__YOUR GOAL__: Keep the images out while you set down the data exactly.

+++ ENTRIES SHOWN

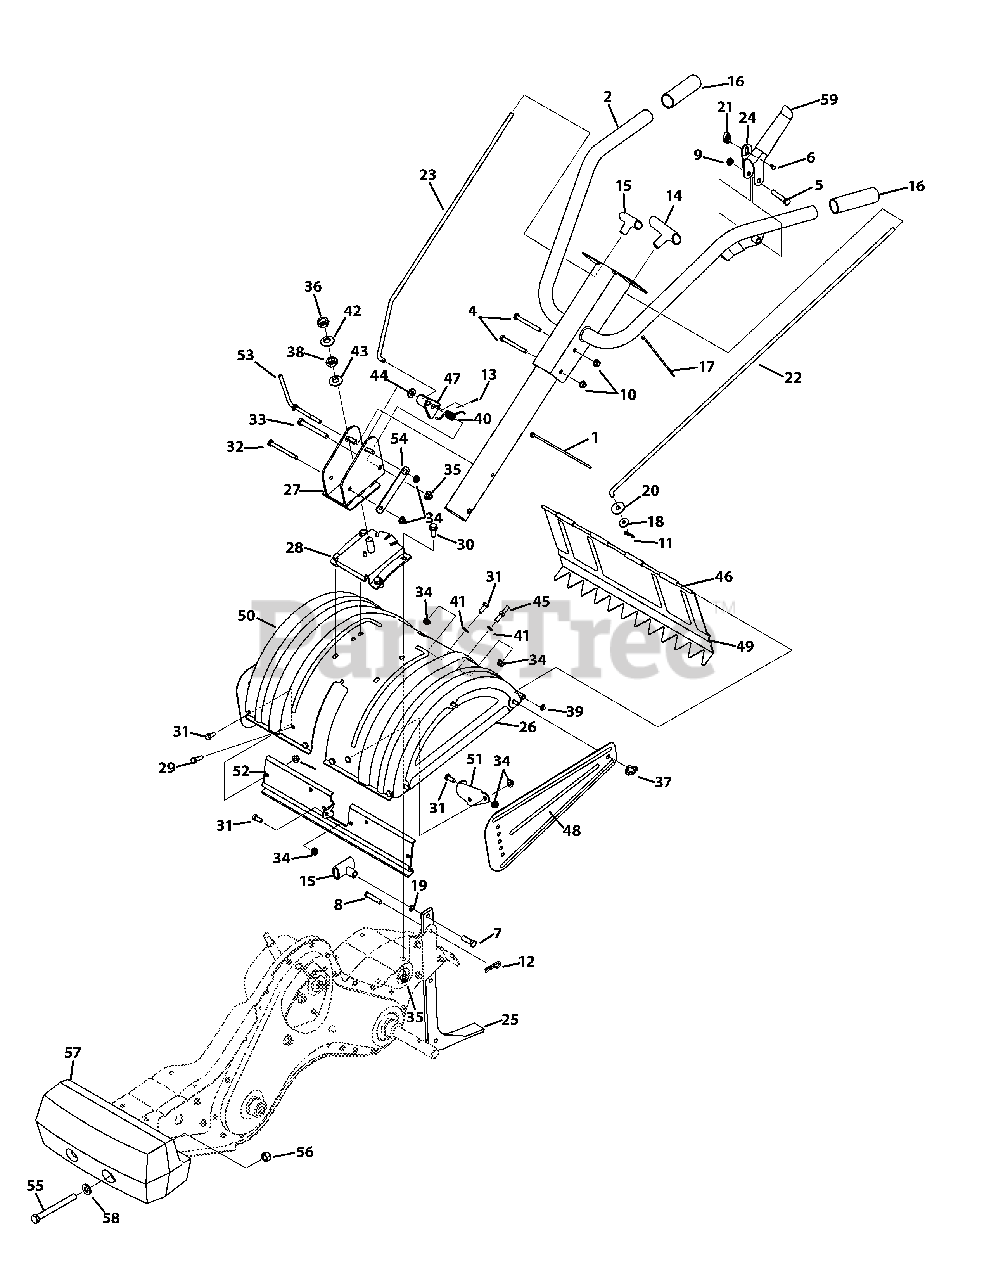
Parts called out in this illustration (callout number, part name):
1	Cable Tie
2	Upper Handle Assembly
2	Swing Handle Tube Assembly
4	Hex Screw, 5/16-18 x 3.00
5	Hex Screw, 3/8-16 x 2.50
6	Hex Screw, #10-16 x 0.440
7	Hex Screw, 3/8-16 x 1.25
8	Clevis Pin, 3/8 x 1.75
9	Flange Lock Nut, 3/8-16
10	Flange Lock Nut, 5/16-18
11	Cotter Pin, .072 x 1.13
12	Bow-Tie Cotter Pin
13	Cotter Pin, 3/32 x .750
14	T-Knob
15	T-Knob
16	Round Grip
17	Cable Tie, 3/16 x .05 x 7.4
18	Rubber Washer, .33 x .87 x .125
19	Flat Washer, .385 x .620 x .033
20	Flat Washer, .411 x 1.25 x .100
21	Cable Barrel Holder
22	Clutch Rod
23	Clutch Rod
25	Tiller Depth Control
27	Handle Pivot Bracket Assembly
28	Handle Pivot Base Bracket Assembly
29	Hex Screw, 5/16-18 x 1.00
30	Hex Washer Screw, 3/8-16 x .875
31	Hex Screw, 5/16-18 x .75
32	Hex Screw, 5/16-18 x 3.25
33	Hex Screw, 3/8-16 x 3.25
34	Flange Lock Nut, 5/16-18
35	Flange Lock Nut, 3/8-16
36	Jam Lock Nut, 5/8-18
37	Wing Nut w/ Bell Washer, 5/16-18
38	Jam Nut, 5/8-18
39	Cap Speed Nut, 1/4
40	Torsion Spring, .415 x .95
41	Flat Washer, .344 x .62 x .033
42	Flat Washer, .656 x 1.25 x .02
43	Bell Washer, .63 x 1.25 x .18
44	Flat Washer, .406 x .875 x .105
45	Hex Screw, 5/16-18 x .75
46	Tiller Flap Rod
47	Swing Handle Link
48	Side Shield
49	Rear Tine Shield
50	Tine Shield
51	Front Tine Shield Bracket
52	Front Tine Shield Scraper Bracket
53	Handle Adjustment Crank
54	Hex Flange Retainer Bracket
55	Hex Screw, 1/2-13 x 5.00
56	Flange Lock Nut, 1/2-13
57	40 lb. Counterweight
58	Flat Washer, .510 x 1.000 x .125
59	Clutch Grip

++++++

__REPLY TO THE EXERCISE__:
Parts called out in this illustration (callout number, part name):
1	Cable Tie
2	Upper Handle Assembly
2	Swing Handle Tube Assembly
4	Hex Screw, 5/16-18 x 3.00
5	Hex Screw, 3/8-16 x 2.50
6	Hex Screw, #10-16 x 0.440
7	Hex Screw, 3/8-16 x 1.25
8	Clevis Pin, 3/8 x 1.75
9	Flange Lock Nut, 3/8-16
10	Flange Lock Nut, 5/16-18
11	Cotter Pin, .072 x 1.13
12	Bow-Tie Cotter Pin
13	Cotter Pin, 3/32 x .750
14	T-Knob
15	T-Knob
16	Round Grip
17	Cable Tie, 3/16 x .05 x 7.4
18	Rubber Washer, .33 x .87 x .125
19	Flat Washer, .385 x .620 x .033
20	Flat Washer, .411 x 1.25 x .100
21	Cable Barrel Holder
22	Clutch Rod
23	Clutch Rod
25	Tiller Depth Control
27	Handle Pivot Bracket Assembly
28	Handle Pivot Base Bracket Assembly
29	Hex Screw, 5/16-18 x 1.00
30	Hex Washer Screw, 3/8-16 x .875
31	Hex Screw, 5/16-18 x .75
32	Hex Screw, 5/16-18 x 3.25
33	Hex Screw, 3/8-16 x 3.25
34	Flange Lock Nut, 5/16-18
35	Flange Lock Nut, 3/8-16
36	Jam Lock Nut, 5/8-18
37	Wing Nut w/ Bell Washer, 5/16-18
38	Jam Nut, 5/8-18
39	Cap Speed Nut, 1/4
40	Torsion Spring, .415 x .95
41	Flat Washer, .344 x .62 x .033
42	Flat Washer, .656 x 1.25 x .02
43	Bell Washer, .63 x 1.25 x .18
44	Flat Washer, .406 x .875 x .105
45	Hex Screw, 5/16-18 x .75
46	Tiller Flap Rod
47	Swing Handle Link
48	Side Shield
49	Rear Tine Shield
50	Tine Shield
51	Front Tine Shield Bracket
52	Front Tine Shield Scraper Bracket
53	Handle Adjustment Crank
54	Hex Flange Retainer Bracket
55	Hex Screw, 1/2-13 x 5.00
56	Flange Lock Nut, 1/2-13
57	40 lb. Counterweight
58	Flat Washer, .510 x 1.000 x .125
59	Clutch Grip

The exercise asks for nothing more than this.